A separate SBIR grant in 2020 expanded their efforts to include uranium-contaminated water. Using samples from the Monument Valley site, a former uranium mill on Navajo Nation land, the team achieved 92.6% uranium removal — lowering contamination to below EPA health-protective limits.

Long-Standing Partnerships with Mining Companies

Headshot of David Hogan

“We hope to accelerate the shift toward cleaner, more sustainable resource extraction,” Hogan said. (Photo courtesy of the University of Arizona)

A cornerstone of success for GlycoSurf and the University of Arizona SRP Center is their deep, long-term collaboration with the mining industry. These relationships have allowed researchers to better understand the challenges faced in real-world operations and to design biosurfactant technologies that are both practical and scalable. Over the years, the team has worked closely with mining companies across the Southwest to test their materials under site-specific conditions.

“These relationships are crucial,” said Boxley. “They help us understand the day-to-day challenges mining companies face and allow us to design biosurfactants that are effective, durable, and compatible with existing operations.”

Much of this collaboration has been facilitated by the Center for Environmentally Sustainable Mining, co-founded by Maier in 2011. The center’s advisory board includes mining companies throughout the Southwest U.S., who share their ideas, needs, lessons learned, and best practices.

Cleaning Up Air

A scientist testing the wind tunnel apparatus

Laboratory wind tunnel testing apparatus. A plate containing mine tailings either moistened with water or with biosurfactant solution is placed inside the tunnel. Air is blown over the surface and the sensor in the lid of the container quantifies small particulate matter. (Photo courtesy Damask Grinnell)

In 2022, GlycoSurf received an SRP SBIR grant to expand the use of their biosurfactants to address airborne pollution from mining, particularly dust generated during excavation, transport, and processing of metals. Mining-related dust accounts for around 12% of global particulate matter health impacts, contributing to respiratory illnesses and other serious conditions.

To address this, GlycoSurf developed a sustainable dust suppressant by combining their rhamnolipids with plant-based polymers. The result is a durable, non-toxic formulation that performs as well as conventional dust control agents, without harming the environment or damaging mining equipment. Once applied, the product remains effective through weather exposure and gradually biodegrades with rain over time, reducing long-term environmental impact.

In the second phase of this SBIR grant, funded in 2025, the team will start testing their technology on an active mining site.

“We’re not just trying to suppress dust,” Maier explained. “We’re trying to do it without polluting the water or damaging the soil.”

Crossing the Valley of Death: From Lab to Market

Bringing scientific innovation to market often means crossing the “valley of death”— the gap between academic discovery and commercial viability. GlycoSurf’s journey across that gap was made possible by technical innovation, persistent research, and the sustained backing of the SRP and other funding from the National Science Foundation and the Department of Energy.
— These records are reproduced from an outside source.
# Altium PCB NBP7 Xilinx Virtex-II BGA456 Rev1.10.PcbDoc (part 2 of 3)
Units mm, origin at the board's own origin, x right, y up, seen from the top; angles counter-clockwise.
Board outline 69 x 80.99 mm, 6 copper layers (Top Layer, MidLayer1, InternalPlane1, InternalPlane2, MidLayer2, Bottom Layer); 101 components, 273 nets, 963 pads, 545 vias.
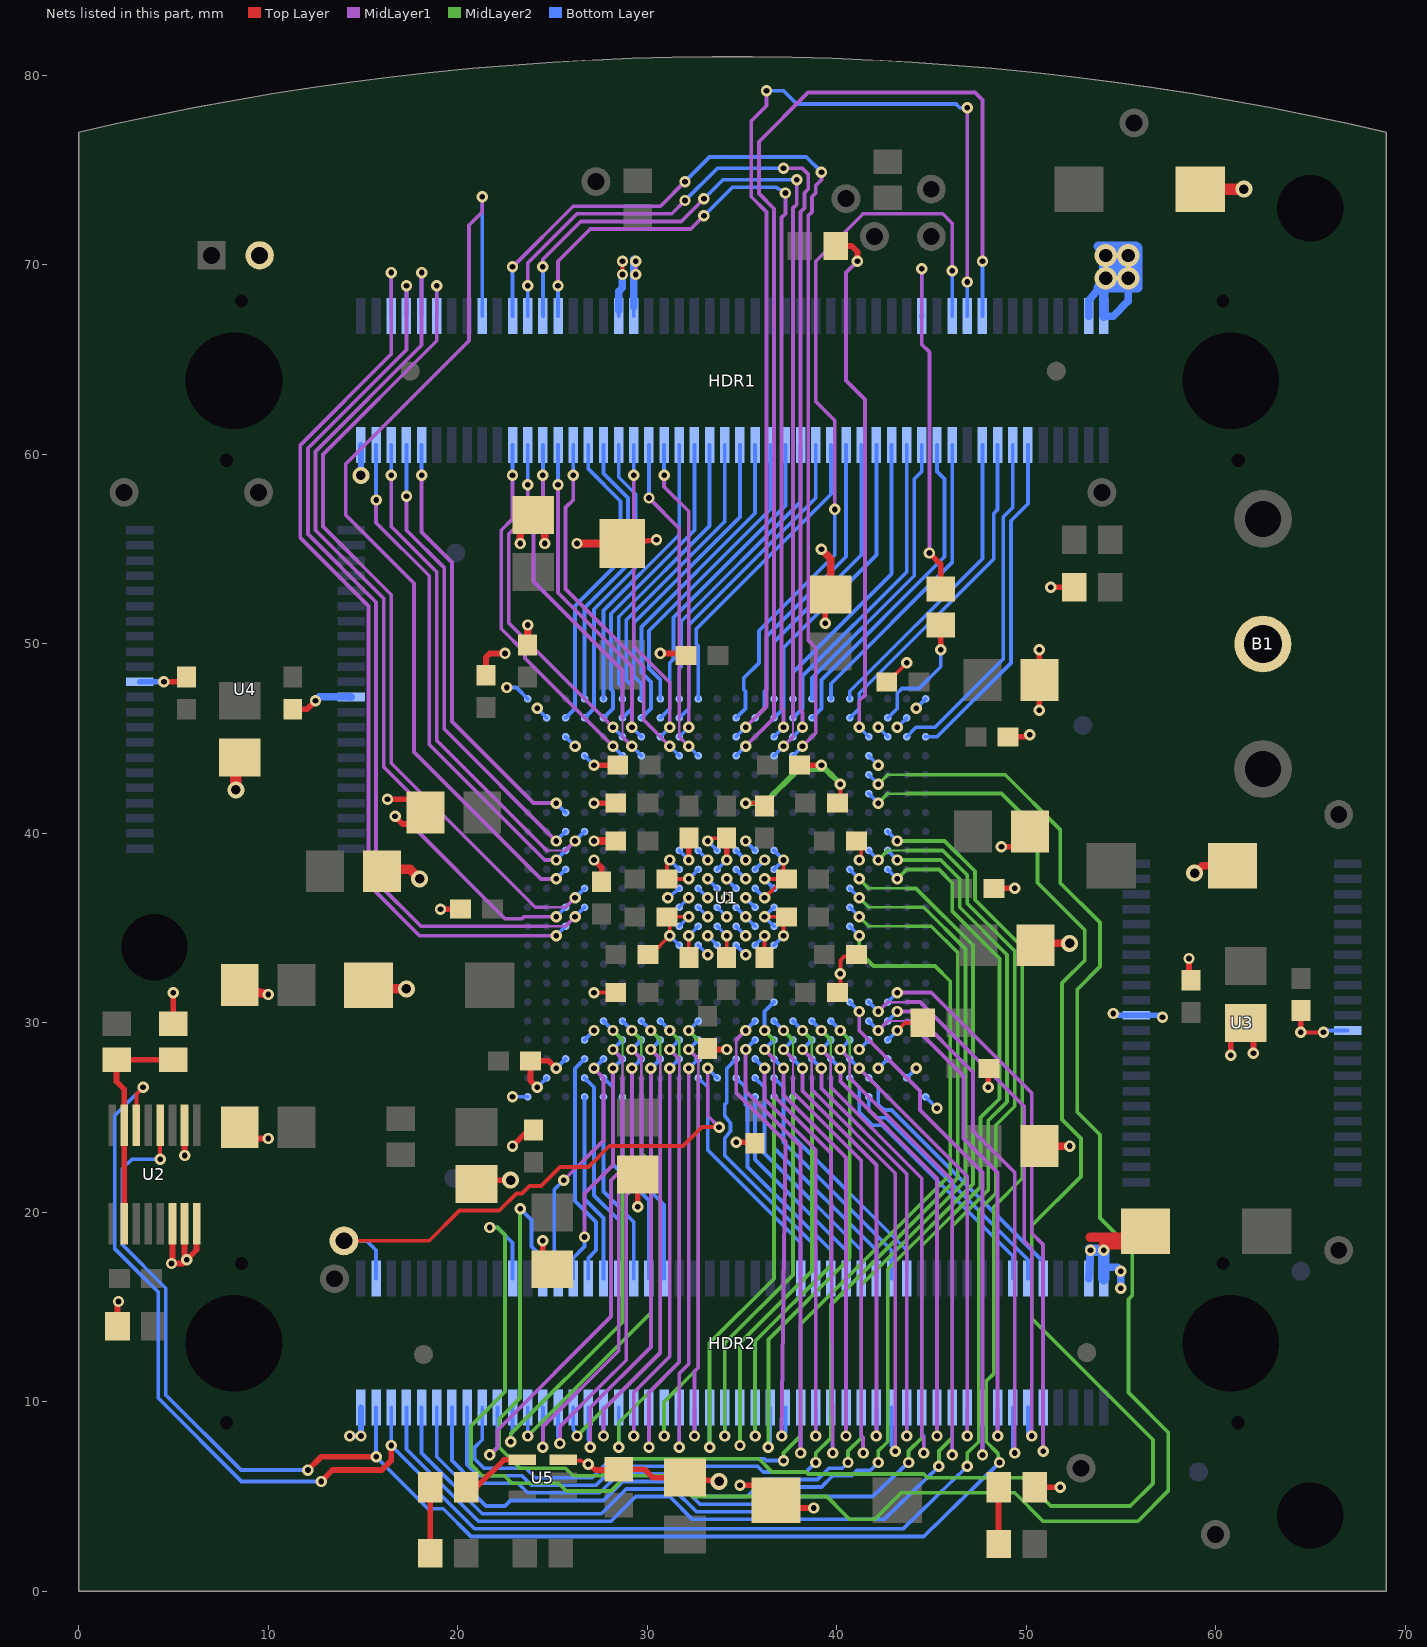
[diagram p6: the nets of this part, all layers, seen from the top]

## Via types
v1: diameter 0.6, hole 0.3, Top Layer to Bottom Layer, tented bottom, 520 vias
v2: diameter 0.9, hole 0.5, Top Layer to Bottom Layer, 17 vias
v3: diameter 1.2, hole 0.7, Top Layer to Bottom Layer, 8 vias

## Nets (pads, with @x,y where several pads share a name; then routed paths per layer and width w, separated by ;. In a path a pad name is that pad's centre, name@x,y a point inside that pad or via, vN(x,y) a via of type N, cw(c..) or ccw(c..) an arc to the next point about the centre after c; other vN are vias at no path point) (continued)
GND: B1.2 C1.2 C2.2 C3.2 C4.2 C5.2 C6.2 C7.2 C8.2 C9.2 C10.2 C11.2 C12.2 C13.2 C14.2 C15.2 C16.2 C17.2 C18.2 C19.2 C20.2 C22.2 C23.2 C24.2 C25.2 C26.2 C27.2 C28.2 C29.2 C30.2 C31.2 C32.2 C33.2 C34.2 C35.2 C36.2 C37.2 C38.2 C39.2 C40.2 C41.2 C42.2 C43.2 C44.2 C45.2 C46.2 C47.2 C48.2 C49.2 C50.2 C51.2 C52.2 C53.2 C54.2 C55.2 C56.2 C57.2 C58.2 C59.2 C60.2 C61.2 C62.2 HDR1.1 HDR1.36 HDR1.38 HDR1.98 HDR1.100 HDR2.1 HDR2.98 HDR2.100 JP1.2 LED1.2 R9.2 R10.1 U1.A1 U1.A22 U1.AA2 U1.AA21 U1.AB1 U1.AB22 U1.B2 U1.B21 U1.C3 U1.C20 U1.D4 U1.D19 U1.J9 U1.J10 U1.J11 U1.J12 U1.J13 U1.J14 U1.K9 U1.K10 U1.K11 U1.K12 U1.K13 U1.K14 U1.L9 U1.L10 U1.L11 U1.L12 U1.L13 U1.L14 U1.M9 U1.M10 U1.M11 U1.M12 U1.M13 U1.M14 U1.N9 U1.N10 U1.N11 U1.N12 U1.N13 U1.N14 U1.P9 U1.P10 U1.P11 U1.P12 U1.P13 U1.P14 U1.W4 U1.W19 U1.Y3 U1.Y20 U2.6 U2.7 U2.8 U2.10 U3.12 U3.34 U4.12 U4.34 U5.3 | length 241
  Top Layer w0.2: C7.2@8.5,44.3 8.638,44.092 8.9,43.7 C7.2@9,43.2 ; C3.2@20.5,22 20.639,21.414 C3.2@20.644,21.398 ; U5.3@25.6,7 25.9,6.9 26.5,6.9 v1(26.9,6.7) ; v1(27.2,31.6) C50.2@28.2,31.6 ; C45.2@28.2,39.6 C45.2@28.35,39.6 ; v1(28.7,69.5) v1(28.7,70.2) ; v1(29.5,20.3) C4.2@29.5,22 ; C43.2@30.05,33.6 30.2,33.6 v1(31.2,34.6) C32.2@31.2,35.6 ; C32.2@31.05,35.6 C32.2@31.2,35.6 ; v1(31.2,38.6) 31.05,38.45 C37.2@31.05,37.6 v1(32.2,37.6) ; C36.2@32.2,33.45 v1(32.2,34.6) ; v1(32.2,35.6) C32.2@31.2,35.6 ; v1(33.2,39.6) 33.3,39.6 33.45,39.75 C25.2@34.2,39.75 ; C26.2@34.2,33.45 v1(34.2,34.6) ; v1(35.2,41.6) C19.2@36.1,41.6 ; C20.2@36.2,33.45 v1(36.2,34.6) ; v1(36.2,35.6) C31.2@37.3,35.6 ; v1(36.2,36.6) 37,37.4 C30.2@37.1,37.4 ; v1(36.2,37.6) C30.2@37.35,37.6 37.35,37.75 37.2,37.9 v1(37.2,38.6) ; C56.2@36.8,4.4 v1(38.8,4.4) ; v1(37.2,34.6) C31.2@37.2,35.4 ; C48.2@40.05,31.6 40.2,31.6 v1(40.2,32.6) 40.2,33.3 40.4,33.5 40.7,33.5 40.994,33.412 C47.2@41.2,33.35 ; C44.2@40.2,41.6 v1(40.2,42.6) ; C46.2@40.95,39.35 C46.2@40.95,39.6 ; v1(41.2,38.6) 41.3,38.7 C46.2@41.3,39.4 ; C22.2@42.65,48 C22.2@42.7,48 ; C22.2@42.8,48 C22.2@42.7,48 ; v1(43.7,49) C22.2@42.7,48 ; C39.2@47.95,27.6 C39.2@48.05,27.6 C39.2@48.047,27.548 ; C34.2@48.6,45.1 C34.2@49.05,45.1 ; v1(49.4,37.1) v1@49.45,37.1 ; C16.2@49.5,40 C16.2@49.7,40.1 ; C13.2@50.4,47.7 50.7,47.76 C13.2@50.765,47.773 ; LED1.2@50.45,5.5 LED1.2@50.6,5.5 ; C15.2@50.825,23.975 51.325,24.35 50.7,24.2 50.94,23.72 50.98,23.64 51,23.6 51.1,23.4 51.1,23.5 51.1,23.7 C15.2@51.2,23.5 ; C33.2@58.5,32.35 C33.2@58.6,32.35 ; C33.2@58.6,32.3 C33.2@58.6,32.349 ; v1(58.6,33.4) C33.2@58.6,32.35 ; C33.2@58.7,32.25 C33.2@58.6,32.349 ; v1(60.8,28.3) C2.2@60.8,29.6 ; v1(62,28.4) C2.2@62,29.5 ; v1(64.5,29.5) v1(65.7,29.5) ; C33.2@58.6,32.349 58.5,32.35 C33.2@58.6,32.35
  Top Layer w0.3: R10.1@2.05,14 2.05,15.25 v1(2.1,15.3) ; v1(4.5,48) C41.2@5.7,48 ; C51.2@4.8,30.1 4.865,29.905 C51.2@5,29.5 ; U2.6@4.952,19.4 4.952,17.353 v1(4.9,17.3) 5.5,17.3 v1(5.7,17.5) ; C51.2@5,29.95 v1(5,31.6) ; U2.10@5.587,24.6 5.587,23.012 v1(5.6,23) ; U2.7@5.6,19.387 U2.7@5.587,19.4 5.587,17.612 v1(5.7,17.5) ; U2.8@6.222,19.4 6.222,18.023 v1(5.7,17.5) ; C9.2@8.5,23.9 v1(10,23.9) ; C42.2@11.3,46.55 12.05,46.55 v1(12.5,47) ; v1(16.3,41.8) 17.6,41.8 C11.2@17.9,41.7 ; v1(16.7,40.9) 17.1,40.5 C11.2@17.9,40.5 ; v1(19.1,36) C28.2@20.15,36 ; C3.2@21,21.7 v2(22.8,21.7) ; C24.2@21.5,48.3 C24.2@21.5,48.35 21.5,49.3 21.7,49.5 v1(22.5,49.5) ; v1(22.9,23.5) 23.75,24.35 C27.2@24,24.35 ; v1(24.2,26.6) 23.85,26.95 C38.2@23.85,28 24.8,28 v1(25.2,27.6) ; v1(24.5,18.5) 24.5,17.5 C14.2@24.9,17.5 ; v1(26.9,6.7) 27.3,6.4 C52.2@28.5,6.4 ; v1(27.2,38.6) 27.6,38.2 C59.2@27.6,37.45 ; v1(27.2,41.6) C49.2@28.3,41.6 ; v1(27.2,43.6) C61.2@28.45,43.6 ; C52.2@28.5,6.45 29.85,6.45 30.3,6 C1.2@32,6 v2(33.8,5.8) ; C53.2@28.7,55.3 v1(30.5,55.5) ; v1(29.5,20.3) C4.2@29.5,21.9 ; v1@30.7,49.6 v1(30.7,49.5) 31.8,49.5 C35.2@32.05,49.4 ; v1(32.2,38.6) C40.2@32.2,39.75 ; C62.2@33.2,28.65 33.25,28.6 v1(34.2,28.6) ; v1(34.2,38.6) C25.2@34.2,39.75 ; v1(34.7,23.7) C17.2@35.7,23.7 ; v1(34.9,5.6) C56.2@36.6,5.6 ; C56.2@36.5,4.4 36.8,4.4 v1(38.8,4.4) ; C60.2@38.05,43.6 38.35,43.75 38.3,43.6 v1(39.2,43.6) ; v1(39.4,51.1) 39.4,52.6 39.697,52.631 C5.2@39.7,52.631 ; C5.2@39.5,53 39.7,52.9 C5.2@39.7,52.644 ; C5.2@39.6,52.7 C5.2@39.7,52.644 ; C5.2@39.7,52.6 C5.2@39.7,52.631 ; v1(48,26.6) C39.2@48,27.55 ; C29.2@48.3,37.1 v1(49.4,37.1) ; v1(48.7,39.3) 49.4,39.3 C16.2@50.2,40.1 ; C34.2@49.05,45.1 49.9,45.1 ; LED1.2@50.6,5.5 v1(51.8,5.5) ; v1(50.7,46.5) 50.7,47.76 C13.2@50.7,48.1 v1(50.7,49.7) ; v1(51.3,53) R9.2@52.55,53 ; R9.2@52.55,52.9 R9.2@52.6,52.9 ; C33.2@58.6,32.35 v1(58.6,33.4) ; v1(60.8,28.3) C2.2@60.8,29.8 ; v1(62,28.4) C2.2@62,29.6 ; v1(64.5,29.5) C18.2@64.5,30.65 ; C5.2@39.7,52.631 39.719,52.633 C5.2@39.7,52.644 ; C5.2@39.7,52.631 C5.2@39.7,52.644
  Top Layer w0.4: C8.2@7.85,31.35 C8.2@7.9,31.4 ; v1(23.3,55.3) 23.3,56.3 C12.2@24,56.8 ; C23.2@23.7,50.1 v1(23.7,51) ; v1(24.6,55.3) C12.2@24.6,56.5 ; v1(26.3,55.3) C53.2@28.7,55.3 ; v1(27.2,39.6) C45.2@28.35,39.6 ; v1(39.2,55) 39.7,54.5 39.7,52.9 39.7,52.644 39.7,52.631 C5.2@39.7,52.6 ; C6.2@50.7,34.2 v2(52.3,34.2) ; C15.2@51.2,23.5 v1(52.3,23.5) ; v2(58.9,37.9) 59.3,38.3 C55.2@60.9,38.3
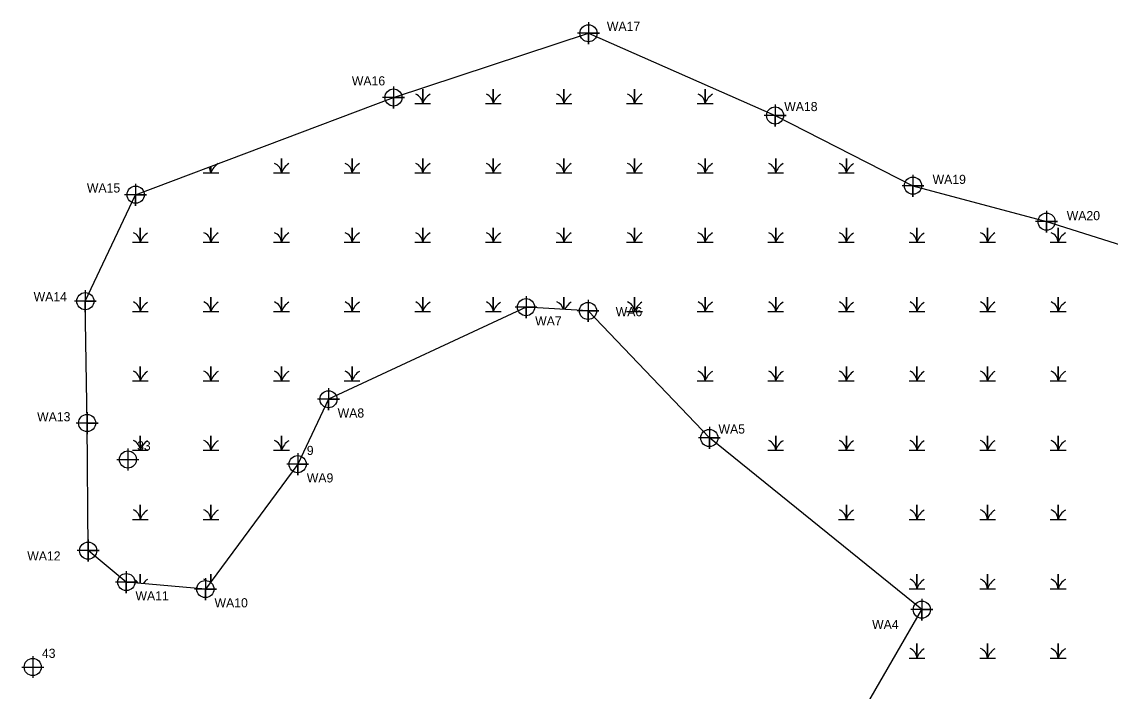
# Model space of a CAD drawing. Extents: x 2603618 to 2605510, y 618189 to 619022.
# Drawn here: x 2603617.8 to 2603915.3, y 618368.6 to 618551.7 of the extents above; entities that cross this region are included whole.
import ezdxf

# ---------------------------------------------------------------- set-up
doc = ezdxf.new("R2010")
doc.units = 0
for name, color, linetype in [('Cogo Default Point CELL', 7, 'Continuous'), ('COGO Default Point Number', 7, 'Continuous'), ('Exist Environmental Wetland Boundary', 7, 'Continuous'), ('Exist Environmental Wetland Boundary Cogo Comment', 7, 'Continuous'), ('Exist Environmental Wetland Boundary Cogo Number', 7, 'Continuous'), ('Exist Environmental Wetland Boundary Cogo Point CELL', 7, 'Continuous')]:
    doc.layers.add(name, color=color, linetype=linetype)

msp = doc.modelspace()

# ---------------------------------------------------------------- linework, layer by layer
at = {"layer": 'Cogo Default Point CELL'}
for points in [[(2603646.79, 618434.99), (2603646.79, 618431.99)], [(2603643.79, 618431.99), (2603646.79, 618431.99)], [(2603646.79, 618431.99), (2603649.79, 618431.99)], [(2603646.79, 618431.99), (2603646.79, 618428.99)], [(2603620.77, 618378.25), (2603620.77, 618375.25)], [(2603617.77, 618375.25), (2603620.77, 618375.25)], [(2603620.77, 618375.25), (2603623.77, 618375.25)], [(2603620.77, 618375.25), (2603620.77, 618372.25)]]:
    msp.add_lwpolyline(points, dxfattribs=at)
for centre in [(2603646.79, 618431.99), (2603620.77, 618375.25)]:
    msp.add_circle(centre, 2.34, dxfattribs=at)
at = {"layer": 'Exist Environmental Wetland Boundary'}
for points in [[(2603758.52, 618194.26), (2603782.96, 618259.35), (2603822.24, 618319.06), (2603863.83, 618390.93), (2603805.73, 618437.87), (2603772.56, 618472.6), (2603755.61, 618473.62), (2603701.62, 618448.45), (2603693.19, 618430.71), (2603667.96, 618396.56), (2603646.35, 618398.47), (2603635.91, 618407.07), (2603635.63, 618441.95), (2603635.14, 618475.26), (2603648.89, 618504.38), (2603719.39, 618530.95), (2603772.69, 618548.52), (2603823.7, 618526.04), (2603861.4, 618506.84), (2603897.92, 618497.01), (2603938.9, 618484.11)], [(2603725.22, 618529.27), (2603727.37, 618529.27), (2603727.37, 618533.22), (2603727.37, 618529.27), (2603729.52, 618529.27)], [(2603744.52, 618529.27), (2603746.67, 618529.27), (2603746.67, 618533.22), (2603746.67, 618529.27), (2603748.82, 618529.27)], [(2603763.82, 618529.27), (2603765.97, 618529.27), (2603765.97, 618533.22), (2603765.97, 618529.27), (2603768.12, 618529.27)], [(2603783.12, 618529.27), (2603785.28, 618529.27), (2603785.28, 618533.22), (2603785.28, 618529.27), (2603787.43, 618529.27)], [(2603802.43, 618529.27), (2603804.58, 618529.27), (2603804.58, 618533.22), (2603804.58, 618529.27), (2603806.73, 618529.27)], [(2603686.62, 618510.33), (2603688.77, 618510.33), (2603688.77, 618514.27), (2603688.77, 618510.33), (2603690.92, 618510.33)], [(2603705.92, 618510.33), (2603708.07, 618510.33), (2603708.07, 618514.27), (2603708.07, 618510.33), (2603710.22, 618510.33)], [(2603725.22, 618510.33), (2603727.37, 618510.33), (2603727.37, 618514.27), (2603727.37, 618510.33), (2603729.52, 618510.33)], [(2603744.52, 618510.33), (2603746.67, 618510.33), (2603746.67, 618514.27), (2603746.67, 618510.33), (2603748.82, 618510.33)], [(2603763.82, 618510.33), (2603765.97, 618510.33), (2603765.97, 618514.27), (2603765.97, 618510.33), (2603768.12, 618510.33)], [(2603783.12, 618510.33), (2603785.28, 618510.33), (2603785.28, 618514.27), (2603785.28, 618510.33), (2603787.43, 618510.33)], [(2603802.43, 618510.33), (2603804.58, 618510.33), (2603804.58, 618514.27), (2603804.58, 618510.33), (2603806.73, 618510.33)], [(2603821.73, 618510.33), (2603823.88, 618510.33), (2603823.88, 618514.27), (2603823.88, 618510.33), (2603826.03, 618510.33)], [(2603841.03, 618510.33), (2603843.18, 618510.33), (2603843.18, 618514.27), (2603843.18, 618510.33), (2603845.33, 618510.33)], [(2603667.32, 618510.33), (2603669.47, 618510.33), (2603669.47, 618512.14)], [(2603669.47, 618512.14), (2603669.47, 618510.33), (2603671.62, 618510.33)], [(2603648.02, 618491.38), (2603650.17, 618491.38), (2603650.17, 618495.33), (2603650.17, 618491.38), (2603652.32, 618491.38)], [(2603667.32, 618491.38), (2603669.47, 618491.38), (2603669.47, 618495.33), (2603669.47, 618491.38), (2603671.62, 618491.38)], [(2603686.62, 618491.38), (2603688.77, 618491.38), (2603688.77, 618495.33), (2603688.77, 618491.38), (2603690.92, 618491.38)], [(2603705.92, 618491.38), (2603708.07, 618491.38), (2603708.07, 618495.33), (2603708.07, 618491.38), (2603710.22, 618491.38)], [(2603725.22, 618491.38), (2603727.37, 618491.38), (2603727.37, 618495.33), (2603727.37, 618491.38), (2603729.52, 618491.38)], [(2603744.52, 618491.38), (2603746.67, 618491.38), (2603746.67, 618495.33), (2603746.67, 618491.38), (2603748.82, 618491.38)], [(2603763.82, 618491.38), (2603765.97, 618491.38), (2603765.97, 618495.33), (2603765.97, 618491.38), (2603768.12, 618491.38)], [(2603783.12, 618491.38), (2603785.28, 618491.38), (2603785.28, 618495.33), (2603785.28, 618491.38), (2603787.43, 618491.38)], [(2603802.43, 618491.38), (2603804.58, 618491.38), (2603804.58, 618495.33), (2603804.58, 618491.38), (2603806.73, 618491.38)], [(2603821.73, 618491.38), (2603823.88, 618491.38), (2603823.88, 618495.33), (2603823.88, 618491.38), (2603826.03, 618491.38)], [(2603841.03, 618491.38), (2603843.18, 618491.38), (2603843.18, 618495.33), (2603843.18, 618491.38), (2603845.33, 618491.38)], [(2603860.33, 618491.38), (2603862.48, 618491.38), (2603862.48, 618495.33), (2603862.48, 618491.38), (2603864.63, 618491.38)], [(2603879.63, 618491.38), (2603881.78, 618491.38), (2603881.78, 618495.33), (2603881.78, 618491.38), (2603883.93, 618491.38)], [(2603898.93, 618491.38), (2603901.08, 618491.38), (2603901.08, 618495.33), (2603901.08, 618491.38), (2603903.23, 618491.38)], [(2603648.02, 618472.44), (2603650.17, 618472.44), (2603650.17, 618476.38), (2603650.17, 618472.44), (2603652.32, 618472.44)], [(2603667.32, 618472.44), (2603669.47, 618472.44), (2603669.47, 618476.38), (2603669.47, 618472.44), (2603671.62, 618472.44)], [(2603686.62, 618472.44), (2603688.77, 618472.44), (2603688.77, 618476.38), (2603688.77, 618472.44), (2603690.92, 618472.44)], [(2603705.92, 618472.44), (2603708.07, 618472.44), (2603708.07, 618476.38), (2603708.07, 618472.44), (2603710.22, 618472.44)], [(2603725.22, 618472.44), (2603727.37, 618472.44), (2603727.37, 618476.38), (2603727.37, 618472.44), (2603729.52, 618472.44)], [(2603744.52, 618472.44), (2603746.67, 618472.44), (2603746.67, 618476.38), (2603746.67, 618472.44), (2603748.82, 618472.44)], [(2603765.97, 618473), (2603765.97, 618476.38), (2603765.97, 618473)], [(2603783.12, 618472.44), (2603785.28, 618472.44), (2603785.28, 618476.38), (2603785.28, 618472.44), (2603787.43, 618472.44)], [(2603802.43, 618472.44), (2603804.58, 618472.44), (2603804.58, 618476.38), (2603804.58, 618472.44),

Over the past three years, the company has dramatically scaled up.

Headshot of Chett Boxley

“The SBIR program has been essential,” said Boxley. “It’s the reason we’re here. It’s how a molecule in a flask became a company with real-world impact.” (Photo courtesy of GlycoSurf)

"We’ve gone from making 10 grams in the lab to batches approaching 10 kilograms,” said Boxley. “Right now, we’re producing hundreds of grams each week and expect to hit kilogram-scale weekly production soon.”

This production growth supports the company’s goal of supplying biosurfactants for a variety of water treatment applications and ultimately making them widely available.

“By bridging the gap between academic research and real-world deployment, we hope to bring sustainable, science-backed solutions from the lab bench to communities across the world,” Maier said.